** YOUR ASSIGNMENT **
Write out the records in full and without alteration, setting aside their pictures.

** MATERIAL FOR THIS TASK **
☆ ☆ ☆

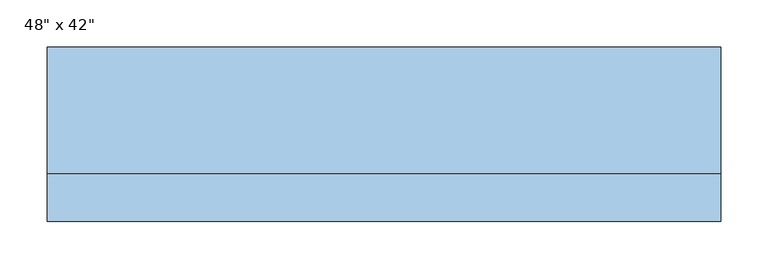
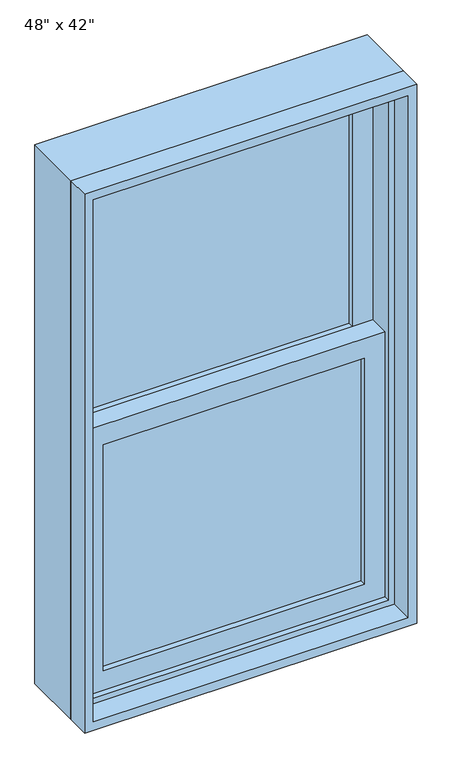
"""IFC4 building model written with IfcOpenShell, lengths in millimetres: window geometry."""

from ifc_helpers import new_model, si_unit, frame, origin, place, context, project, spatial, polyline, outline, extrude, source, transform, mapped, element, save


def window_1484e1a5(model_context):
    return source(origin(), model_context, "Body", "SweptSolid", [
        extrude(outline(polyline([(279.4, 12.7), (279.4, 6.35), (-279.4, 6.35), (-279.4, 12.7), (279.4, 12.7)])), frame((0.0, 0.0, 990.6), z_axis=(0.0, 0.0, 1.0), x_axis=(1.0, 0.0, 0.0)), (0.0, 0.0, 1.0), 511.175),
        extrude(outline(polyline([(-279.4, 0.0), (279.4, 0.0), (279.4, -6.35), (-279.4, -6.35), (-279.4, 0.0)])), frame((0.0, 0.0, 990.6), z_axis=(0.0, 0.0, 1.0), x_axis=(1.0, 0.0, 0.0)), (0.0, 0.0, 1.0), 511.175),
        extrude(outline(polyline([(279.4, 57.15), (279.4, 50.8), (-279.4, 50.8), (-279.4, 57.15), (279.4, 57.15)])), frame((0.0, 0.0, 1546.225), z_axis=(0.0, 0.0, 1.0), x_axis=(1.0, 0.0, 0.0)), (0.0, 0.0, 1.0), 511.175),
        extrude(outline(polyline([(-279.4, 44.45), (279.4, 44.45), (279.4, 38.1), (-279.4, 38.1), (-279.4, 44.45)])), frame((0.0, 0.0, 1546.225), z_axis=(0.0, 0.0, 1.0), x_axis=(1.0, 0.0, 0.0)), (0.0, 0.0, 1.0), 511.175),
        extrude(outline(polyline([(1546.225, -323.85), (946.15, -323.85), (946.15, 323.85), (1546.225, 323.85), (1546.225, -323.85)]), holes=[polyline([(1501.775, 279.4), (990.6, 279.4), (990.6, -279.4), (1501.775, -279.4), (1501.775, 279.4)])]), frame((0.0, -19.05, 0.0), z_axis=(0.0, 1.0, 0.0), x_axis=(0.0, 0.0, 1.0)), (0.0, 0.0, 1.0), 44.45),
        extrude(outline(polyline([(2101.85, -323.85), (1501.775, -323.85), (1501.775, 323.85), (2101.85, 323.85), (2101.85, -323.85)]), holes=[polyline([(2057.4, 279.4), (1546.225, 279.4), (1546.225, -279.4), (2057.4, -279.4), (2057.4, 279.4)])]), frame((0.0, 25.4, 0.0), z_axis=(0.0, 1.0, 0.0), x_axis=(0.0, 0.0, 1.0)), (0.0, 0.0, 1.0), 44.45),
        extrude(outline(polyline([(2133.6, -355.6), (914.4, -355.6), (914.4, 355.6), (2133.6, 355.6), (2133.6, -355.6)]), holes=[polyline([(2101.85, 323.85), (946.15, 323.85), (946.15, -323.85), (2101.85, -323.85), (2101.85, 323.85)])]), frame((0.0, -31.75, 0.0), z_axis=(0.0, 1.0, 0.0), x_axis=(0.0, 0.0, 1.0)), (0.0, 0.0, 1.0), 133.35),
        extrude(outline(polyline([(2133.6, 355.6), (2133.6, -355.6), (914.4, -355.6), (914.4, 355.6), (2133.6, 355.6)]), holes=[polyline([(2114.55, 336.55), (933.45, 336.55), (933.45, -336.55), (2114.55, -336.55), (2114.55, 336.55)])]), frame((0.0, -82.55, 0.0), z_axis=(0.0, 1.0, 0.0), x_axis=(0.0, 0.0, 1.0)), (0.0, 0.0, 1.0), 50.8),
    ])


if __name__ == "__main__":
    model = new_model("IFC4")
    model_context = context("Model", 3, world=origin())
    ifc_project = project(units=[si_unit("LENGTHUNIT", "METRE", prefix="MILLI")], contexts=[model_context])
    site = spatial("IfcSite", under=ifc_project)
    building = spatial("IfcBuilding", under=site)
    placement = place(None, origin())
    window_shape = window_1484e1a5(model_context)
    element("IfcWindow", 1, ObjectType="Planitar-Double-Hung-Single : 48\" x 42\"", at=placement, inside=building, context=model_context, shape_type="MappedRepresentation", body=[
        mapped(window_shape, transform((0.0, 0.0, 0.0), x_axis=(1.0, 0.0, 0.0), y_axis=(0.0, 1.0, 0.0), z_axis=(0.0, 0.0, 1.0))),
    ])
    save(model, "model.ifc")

☆ ☆ ☆

** RESULT FOR THIS TASK **
"""IFC4 building model written with IfcOpenShell, lengths in millimetres: window geometry."""

from ifc_helpers import new_model, si_unit, frame, origin, place, context, project, spatial, polyline, outline, extrude, source, transform, mapped, element, save


def window_1484e1a5(model_context):
    return source(origin(), model_context, "Body", "SweptSolid", [
        extrude(outline(polyline([(279.4, 12.7), (279.4, 6.35), (-279.4, 6.35), (-279.4, 12.7), (279.4, 12.7)])), frame((0.0, 0.0, 990.6), z_axis=(0.0, 0.0, 1.0), x_axis=(1.0, 0.0, 0.0)), (0.0, 0.0, 1.0), 511.175),
        extrude(outline(polyline([(-279.4, 0.0), (279.4, 0.0), (279.4, -6.35), (-279.4, -6.35), (-279.4, 0.0)])), frame((0.0, 0.0, 990.6), z_axis=(0.0, 0.0, 1.0), x_axis=(1.0, 0.0, 0.0)), (0.0, 0.0, 1.0), 511.175),
        extrude(outline(polyline([(279.4, 57.15), (279.4, 50.8), (-279.4, 50.8), (-279.4, 57.15), (279.4, 57.15)])), frame((0.0, 0.0, 1546.225), z_axis=(0.0, 0.0, 1.0), x_axis=(1.0, 0.0, 0.0)), (0.0, 0.0, 1.0), 511.175),
        extrude(outline(polyline([(-279.4, 44.45), (279.4, 44.45), (279.4, 38.1), (-279.4, 38.1), (-279.4, 44.45)])), frame((0.0, 0.0, 1546.225), z_axis=(0.0, 0.0, 1.0), x_axis=(1.0, 0.0, 0.0)), (0.0, 0.0, 1.0), 511.175),
        extrude(outline(polyline([(1546.225, -323.85), (946.15, -323.85), (946.15, 323.85), (1546.225, 323.85), (1546.225, -323.85)]), holes=[polyline([(1501.775, 279.4), (990.6, 279.4), (990.6, -279.4), (1501.775, -279.4), (1501.775, 279.4)])]), frame((0.0, -19.05, 0.0), z_axis=(0.0, 1.0, 0.0), x_axis=(0.0, 0.0, 1.0)), (0.0, 0.0, 1.0), 44.45),
        extrude(outline(polyline([(2101.85, -323.85), (1501.775, -323.85), (1501.775, 323.85), (2101.85, 323.85), (2101.85, -323.85)]), holes=[polyline([(2057.4, 279.4), (1546.225, 279.4), (1546.225, -279.4), (2057.4, -279.4), (2057.4, 279.4)])]), frame((0.0, 25.4, 0.0), z_axis=(0.0, 1.0, 0.0), x_axis=(0.0, 0.0, 1.0)), (0.0, 0.0, 1.0), 44.45),
        extrude(outline(polyline([(2133.6, -355.6), (914.4, -355.6), (914.4, 355.6), (2133.6, 355.6), (2133.6, -355.6)]), holes=[polyline([(2101.85, 323.85), (946.15, 323.85), (946.15, -323.85), (2101.85, -323.85), (2101.85, 323.85)])]), frame((0.0, -31.75, 0.0), z_axis=(0.0, 1.0, 0.0), x_axis=(0.0, 0.0, 1.0)), (0.0, 0.0, 1.0), 133.35),
        extrude(outline(polyline([(2133.6, 355.6), (2133.6, -355.6), (914.4, -355.6), (914.4, 355.6), (2133.6, 355.6)]), holes=[polyline([(2114.55, 336.55), (933.45, 336.55), (933.45, -336.55), (2114.55, -336.55), (2114.55, 336.55)])]), frame((0.0, -82.55, 0.0), z_axis=(0.0, 1.0, 0.0), x_axis=(0.0, 0.0, 1.0)), (0.0, 0.0, 1.0), 50.8),
    ])


if __name__ == "__main__":
    model = new_model("IFC4")
    model_context = context("Model", 3, world=origin())
    ifc_project = project(units=[si_unit("LENGTHUNIT", "METRE", prefix="MILLI")], contexts=[model_context])
    site = spatial("IfcSite", under=ifc_project)
    building = spatial("IfcBuilding", under=site)
    placement = place(None, origin())
    window_shape = window_1484e1a5(model_context)
    element("IfcWindow", 1, ObjectType="Planitar-Double-Hung-Single : 48\" x 42\"", at=placement, inside=building, context=model_context, shape_type="MappedRepresentation", body=[
        mapped(window_shape, transform((0.0, 0.0, 0.0), x_axis=(1.0, 0.0, 0.0), y_axis=(0.0, 1.0, 0.0), z_axis=(0.0, 0.0, 1.0))),
    ])
    save(model, "model.ifc")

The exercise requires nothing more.